### EXERCISE BRIEF:
Copy out every line from the records that includes "layers".

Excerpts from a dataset
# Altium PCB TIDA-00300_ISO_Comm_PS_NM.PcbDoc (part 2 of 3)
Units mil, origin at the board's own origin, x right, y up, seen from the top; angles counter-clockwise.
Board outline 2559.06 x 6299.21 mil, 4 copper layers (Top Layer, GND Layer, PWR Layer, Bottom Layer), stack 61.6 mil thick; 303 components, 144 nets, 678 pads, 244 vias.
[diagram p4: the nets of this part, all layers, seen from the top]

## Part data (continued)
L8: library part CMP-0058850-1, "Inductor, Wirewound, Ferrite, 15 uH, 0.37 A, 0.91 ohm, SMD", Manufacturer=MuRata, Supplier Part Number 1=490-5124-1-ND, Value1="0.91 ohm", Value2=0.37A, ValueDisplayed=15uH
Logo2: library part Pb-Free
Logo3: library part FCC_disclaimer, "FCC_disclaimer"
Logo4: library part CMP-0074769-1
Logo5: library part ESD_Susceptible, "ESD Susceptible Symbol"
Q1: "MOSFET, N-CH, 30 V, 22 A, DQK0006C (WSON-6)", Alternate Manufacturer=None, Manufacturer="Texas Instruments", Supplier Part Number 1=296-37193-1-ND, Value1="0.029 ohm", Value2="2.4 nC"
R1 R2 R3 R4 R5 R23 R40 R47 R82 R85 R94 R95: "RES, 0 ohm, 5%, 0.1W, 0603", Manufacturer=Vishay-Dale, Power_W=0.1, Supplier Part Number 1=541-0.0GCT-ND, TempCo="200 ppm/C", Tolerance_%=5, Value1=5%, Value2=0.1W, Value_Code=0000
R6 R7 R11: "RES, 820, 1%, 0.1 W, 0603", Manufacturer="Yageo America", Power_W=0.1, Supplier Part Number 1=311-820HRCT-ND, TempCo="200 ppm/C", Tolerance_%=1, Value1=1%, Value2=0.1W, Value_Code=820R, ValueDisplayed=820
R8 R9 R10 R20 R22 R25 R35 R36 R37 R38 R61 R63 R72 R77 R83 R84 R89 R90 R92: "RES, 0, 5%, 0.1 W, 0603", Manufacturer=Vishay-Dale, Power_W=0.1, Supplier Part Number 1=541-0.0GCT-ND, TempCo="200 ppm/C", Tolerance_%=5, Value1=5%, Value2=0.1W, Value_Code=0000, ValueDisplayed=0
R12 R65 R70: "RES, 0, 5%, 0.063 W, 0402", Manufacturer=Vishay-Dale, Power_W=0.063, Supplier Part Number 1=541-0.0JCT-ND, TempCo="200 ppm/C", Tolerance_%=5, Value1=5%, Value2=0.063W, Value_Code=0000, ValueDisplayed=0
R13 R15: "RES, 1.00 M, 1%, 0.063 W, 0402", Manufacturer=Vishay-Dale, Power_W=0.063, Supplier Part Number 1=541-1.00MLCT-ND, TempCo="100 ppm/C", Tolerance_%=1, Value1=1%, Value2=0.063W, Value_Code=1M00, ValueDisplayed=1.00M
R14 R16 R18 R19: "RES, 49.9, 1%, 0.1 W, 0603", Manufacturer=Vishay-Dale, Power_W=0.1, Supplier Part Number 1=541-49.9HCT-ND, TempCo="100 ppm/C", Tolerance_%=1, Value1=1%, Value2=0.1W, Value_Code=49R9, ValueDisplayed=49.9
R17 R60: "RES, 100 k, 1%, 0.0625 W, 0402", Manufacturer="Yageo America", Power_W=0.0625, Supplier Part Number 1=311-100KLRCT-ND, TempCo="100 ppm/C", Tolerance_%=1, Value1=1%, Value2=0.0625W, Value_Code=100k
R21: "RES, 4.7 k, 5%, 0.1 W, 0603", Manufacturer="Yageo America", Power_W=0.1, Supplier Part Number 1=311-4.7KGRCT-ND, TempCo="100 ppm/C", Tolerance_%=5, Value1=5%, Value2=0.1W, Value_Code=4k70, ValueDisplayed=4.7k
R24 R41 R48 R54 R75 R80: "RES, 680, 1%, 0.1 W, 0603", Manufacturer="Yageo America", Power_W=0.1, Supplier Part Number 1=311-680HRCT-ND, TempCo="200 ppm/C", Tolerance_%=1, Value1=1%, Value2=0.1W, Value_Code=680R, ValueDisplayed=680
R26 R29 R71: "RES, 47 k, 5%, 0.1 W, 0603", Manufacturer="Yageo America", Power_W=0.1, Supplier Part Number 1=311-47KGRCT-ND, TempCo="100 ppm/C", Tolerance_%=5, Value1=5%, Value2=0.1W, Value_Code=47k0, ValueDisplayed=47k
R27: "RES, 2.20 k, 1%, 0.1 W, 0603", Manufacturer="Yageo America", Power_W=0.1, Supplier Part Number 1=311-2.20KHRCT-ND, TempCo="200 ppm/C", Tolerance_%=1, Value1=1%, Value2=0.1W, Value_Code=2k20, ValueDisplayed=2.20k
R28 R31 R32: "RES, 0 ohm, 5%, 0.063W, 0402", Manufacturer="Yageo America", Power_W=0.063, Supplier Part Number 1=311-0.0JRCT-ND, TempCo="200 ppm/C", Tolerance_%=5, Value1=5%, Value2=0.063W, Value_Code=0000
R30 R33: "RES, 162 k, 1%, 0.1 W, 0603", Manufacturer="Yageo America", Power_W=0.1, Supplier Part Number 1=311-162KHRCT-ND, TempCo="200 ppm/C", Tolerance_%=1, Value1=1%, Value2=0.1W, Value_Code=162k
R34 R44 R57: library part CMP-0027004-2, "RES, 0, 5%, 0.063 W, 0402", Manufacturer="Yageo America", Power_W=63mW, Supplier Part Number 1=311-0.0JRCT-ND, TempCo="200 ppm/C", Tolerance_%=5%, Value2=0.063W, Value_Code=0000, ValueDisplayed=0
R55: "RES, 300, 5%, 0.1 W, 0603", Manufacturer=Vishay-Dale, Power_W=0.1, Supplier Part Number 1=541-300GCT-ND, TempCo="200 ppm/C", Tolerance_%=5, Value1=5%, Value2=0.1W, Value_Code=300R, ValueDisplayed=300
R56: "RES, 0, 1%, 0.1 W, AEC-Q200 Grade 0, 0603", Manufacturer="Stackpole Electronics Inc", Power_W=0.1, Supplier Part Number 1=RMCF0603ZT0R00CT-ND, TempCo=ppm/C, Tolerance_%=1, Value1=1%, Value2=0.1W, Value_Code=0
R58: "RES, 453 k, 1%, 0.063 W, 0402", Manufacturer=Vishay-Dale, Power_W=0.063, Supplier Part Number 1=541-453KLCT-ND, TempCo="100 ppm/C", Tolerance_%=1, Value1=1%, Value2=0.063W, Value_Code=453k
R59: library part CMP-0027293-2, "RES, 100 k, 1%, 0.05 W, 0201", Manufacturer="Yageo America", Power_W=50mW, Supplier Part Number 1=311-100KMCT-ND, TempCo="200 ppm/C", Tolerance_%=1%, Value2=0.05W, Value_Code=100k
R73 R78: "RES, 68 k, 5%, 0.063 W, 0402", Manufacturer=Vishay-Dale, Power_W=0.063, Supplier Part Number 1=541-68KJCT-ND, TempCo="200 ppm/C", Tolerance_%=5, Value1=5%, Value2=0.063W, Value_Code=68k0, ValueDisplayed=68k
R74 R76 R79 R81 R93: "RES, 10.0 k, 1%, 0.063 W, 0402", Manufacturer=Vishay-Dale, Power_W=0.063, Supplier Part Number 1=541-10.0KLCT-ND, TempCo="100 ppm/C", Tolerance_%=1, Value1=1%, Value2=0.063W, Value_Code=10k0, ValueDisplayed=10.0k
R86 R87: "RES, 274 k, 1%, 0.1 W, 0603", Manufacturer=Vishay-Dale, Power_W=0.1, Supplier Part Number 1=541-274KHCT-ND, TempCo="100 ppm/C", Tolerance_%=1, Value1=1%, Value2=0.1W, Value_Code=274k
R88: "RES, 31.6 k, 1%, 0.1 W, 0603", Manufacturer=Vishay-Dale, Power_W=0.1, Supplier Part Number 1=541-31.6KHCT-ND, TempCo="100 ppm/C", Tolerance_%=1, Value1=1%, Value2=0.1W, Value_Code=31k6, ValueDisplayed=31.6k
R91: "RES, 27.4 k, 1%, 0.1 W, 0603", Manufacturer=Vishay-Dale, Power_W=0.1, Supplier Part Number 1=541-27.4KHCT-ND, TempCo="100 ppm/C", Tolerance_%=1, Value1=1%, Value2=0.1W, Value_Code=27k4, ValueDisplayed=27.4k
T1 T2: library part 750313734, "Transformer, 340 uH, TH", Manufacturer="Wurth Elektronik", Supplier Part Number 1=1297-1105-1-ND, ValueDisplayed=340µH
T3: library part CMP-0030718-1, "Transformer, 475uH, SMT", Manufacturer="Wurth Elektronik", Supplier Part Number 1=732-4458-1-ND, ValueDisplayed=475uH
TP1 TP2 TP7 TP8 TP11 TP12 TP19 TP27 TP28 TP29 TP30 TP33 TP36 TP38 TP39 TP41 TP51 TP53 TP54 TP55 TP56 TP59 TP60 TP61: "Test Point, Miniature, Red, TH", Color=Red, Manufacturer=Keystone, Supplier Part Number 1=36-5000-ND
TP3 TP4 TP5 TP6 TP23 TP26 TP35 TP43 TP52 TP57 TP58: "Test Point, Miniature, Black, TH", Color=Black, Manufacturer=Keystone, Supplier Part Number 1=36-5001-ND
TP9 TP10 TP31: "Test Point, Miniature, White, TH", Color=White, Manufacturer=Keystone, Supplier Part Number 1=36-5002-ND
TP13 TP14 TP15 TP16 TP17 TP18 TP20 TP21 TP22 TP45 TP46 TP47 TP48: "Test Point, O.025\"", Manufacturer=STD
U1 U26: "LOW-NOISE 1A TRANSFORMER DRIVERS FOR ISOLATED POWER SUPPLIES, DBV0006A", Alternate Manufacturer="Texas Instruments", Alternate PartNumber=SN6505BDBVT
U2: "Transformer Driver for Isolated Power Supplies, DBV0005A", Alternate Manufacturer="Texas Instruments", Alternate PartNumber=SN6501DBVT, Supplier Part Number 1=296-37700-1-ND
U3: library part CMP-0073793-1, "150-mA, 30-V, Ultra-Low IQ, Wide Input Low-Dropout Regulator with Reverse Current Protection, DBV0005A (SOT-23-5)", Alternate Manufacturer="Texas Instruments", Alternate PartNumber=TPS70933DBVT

### RESPONSE FOR THIS EXERCISE:
Board outline 2559.06 x 6299.21 mil, 4 copper layers (Top Layer, GND Layer, PWR Layer, Bottom Layer), stack 61.6 mil thick; 303 components, 144 nets, 678 pads, 244 vias.
[diagram p4: the nets of this part, all layers, seen from the top]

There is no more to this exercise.